◆ DATA LISTING ◆
----
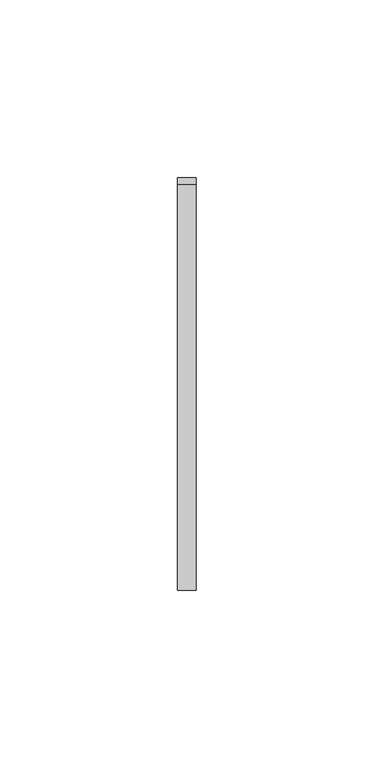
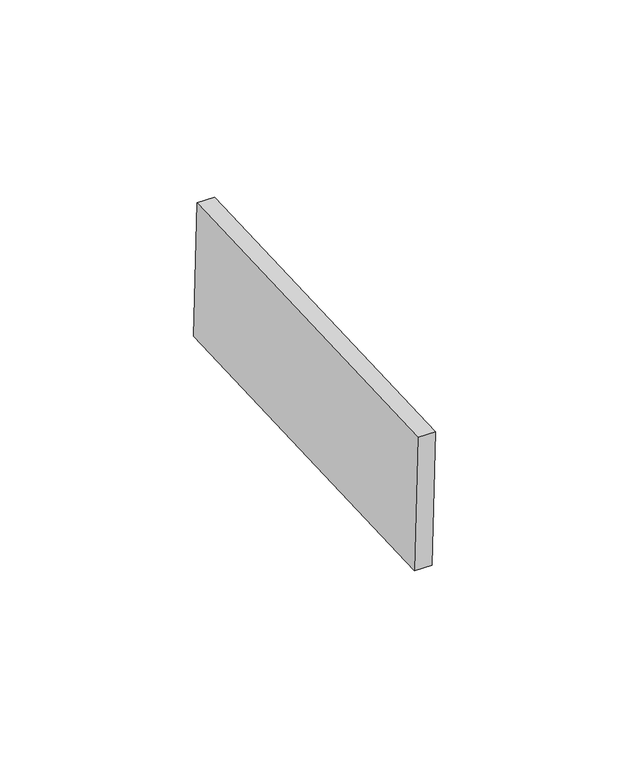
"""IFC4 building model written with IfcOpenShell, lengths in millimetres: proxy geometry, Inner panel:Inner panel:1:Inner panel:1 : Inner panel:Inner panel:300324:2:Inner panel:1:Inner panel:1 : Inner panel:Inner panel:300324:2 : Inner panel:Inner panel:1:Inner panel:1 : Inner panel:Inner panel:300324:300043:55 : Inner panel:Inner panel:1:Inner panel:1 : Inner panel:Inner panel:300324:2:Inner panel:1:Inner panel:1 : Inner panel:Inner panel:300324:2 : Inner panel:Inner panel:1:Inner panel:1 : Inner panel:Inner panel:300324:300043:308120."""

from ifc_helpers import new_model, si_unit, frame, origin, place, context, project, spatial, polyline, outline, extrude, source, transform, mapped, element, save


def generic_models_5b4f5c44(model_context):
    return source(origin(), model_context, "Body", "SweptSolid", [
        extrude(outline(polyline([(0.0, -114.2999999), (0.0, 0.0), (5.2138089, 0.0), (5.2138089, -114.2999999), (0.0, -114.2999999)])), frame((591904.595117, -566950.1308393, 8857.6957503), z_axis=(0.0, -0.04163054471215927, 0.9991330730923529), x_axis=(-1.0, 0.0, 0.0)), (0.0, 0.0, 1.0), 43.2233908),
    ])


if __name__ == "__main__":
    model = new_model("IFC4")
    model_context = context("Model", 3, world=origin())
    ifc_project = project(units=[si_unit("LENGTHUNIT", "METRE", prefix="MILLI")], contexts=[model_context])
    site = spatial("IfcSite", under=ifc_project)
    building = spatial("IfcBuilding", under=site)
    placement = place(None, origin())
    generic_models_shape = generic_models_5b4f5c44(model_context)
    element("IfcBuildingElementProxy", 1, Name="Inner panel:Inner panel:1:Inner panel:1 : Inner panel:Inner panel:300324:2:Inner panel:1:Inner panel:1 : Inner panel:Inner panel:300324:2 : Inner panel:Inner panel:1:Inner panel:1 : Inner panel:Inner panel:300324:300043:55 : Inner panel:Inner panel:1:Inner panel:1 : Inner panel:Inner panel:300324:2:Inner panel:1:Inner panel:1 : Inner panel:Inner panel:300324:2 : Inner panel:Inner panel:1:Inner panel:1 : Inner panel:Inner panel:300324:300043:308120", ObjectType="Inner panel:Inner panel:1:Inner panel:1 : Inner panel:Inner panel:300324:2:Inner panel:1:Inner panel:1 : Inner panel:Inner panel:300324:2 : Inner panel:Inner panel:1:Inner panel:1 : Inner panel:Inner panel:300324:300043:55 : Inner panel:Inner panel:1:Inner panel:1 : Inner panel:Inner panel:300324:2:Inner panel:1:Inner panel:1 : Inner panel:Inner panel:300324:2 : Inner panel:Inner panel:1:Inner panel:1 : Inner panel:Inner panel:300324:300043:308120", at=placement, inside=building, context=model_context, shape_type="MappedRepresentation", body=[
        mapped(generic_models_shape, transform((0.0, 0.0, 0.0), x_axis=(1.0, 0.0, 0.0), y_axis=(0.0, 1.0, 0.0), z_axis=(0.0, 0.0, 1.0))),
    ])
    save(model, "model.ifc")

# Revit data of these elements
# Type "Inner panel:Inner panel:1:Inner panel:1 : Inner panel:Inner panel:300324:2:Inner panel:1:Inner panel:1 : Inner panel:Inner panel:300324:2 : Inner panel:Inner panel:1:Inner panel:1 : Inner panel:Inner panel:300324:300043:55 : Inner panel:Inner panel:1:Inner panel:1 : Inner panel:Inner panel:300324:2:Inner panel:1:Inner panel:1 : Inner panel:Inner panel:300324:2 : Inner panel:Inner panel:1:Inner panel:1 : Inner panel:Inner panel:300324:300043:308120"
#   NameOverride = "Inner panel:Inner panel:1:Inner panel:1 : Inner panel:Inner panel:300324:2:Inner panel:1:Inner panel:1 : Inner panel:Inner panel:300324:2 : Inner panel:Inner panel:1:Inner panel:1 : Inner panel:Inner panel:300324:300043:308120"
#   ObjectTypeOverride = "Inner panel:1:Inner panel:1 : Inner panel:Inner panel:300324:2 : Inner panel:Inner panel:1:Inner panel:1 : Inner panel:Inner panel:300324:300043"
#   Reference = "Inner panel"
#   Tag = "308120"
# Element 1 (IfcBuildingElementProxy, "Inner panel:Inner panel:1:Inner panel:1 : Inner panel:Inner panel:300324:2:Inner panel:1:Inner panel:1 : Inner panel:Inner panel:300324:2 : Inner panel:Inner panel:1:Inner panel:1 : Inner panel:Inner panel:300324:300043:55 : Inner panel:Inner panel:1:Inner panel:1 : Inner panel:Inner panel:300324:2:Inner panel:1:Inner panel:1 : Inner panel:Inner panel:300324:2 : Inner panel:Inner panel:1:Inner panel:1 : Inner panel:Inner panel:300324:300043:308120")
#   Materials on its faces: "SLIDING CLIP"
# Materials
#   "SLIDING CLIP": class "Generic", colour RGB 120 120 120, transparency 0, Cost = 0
----
Copy exactly the lines running from the one that contains "# Element 1" to the end of the material, both ends included.

◆ YOUR RESPONSE ◆
# Element 1 (IfcBuildingElementProxy, "Inner panel:Inner panel:1:Inner panel:1 : Inner panel:Inner panel:300324:2:Inner panel:1:Inner panel:1 : Inner panel:Inner panel:300324:2 : Inner panel:Inner panel:1:Inner panel:1 : Inner panel:Inner panel:300324:300043:55 : Inner panel:Inner panel:1:Inner panel:1 : Inner panel:Inner panel:300324:2:Inner panel:1:Inner panel:1 : Inner panel:Inner panel:300324:2 : Inner panel:Inner panel:1:Inner panel:1 : Inner panel:Inner panel:300324:300043:308120")
#   Materials on its faces: "SLIDING CLIP"
# Materials
#   "SLIDING CLIP": class "Generic", colour RGB 120 120 120, transparency 0, Cost = 0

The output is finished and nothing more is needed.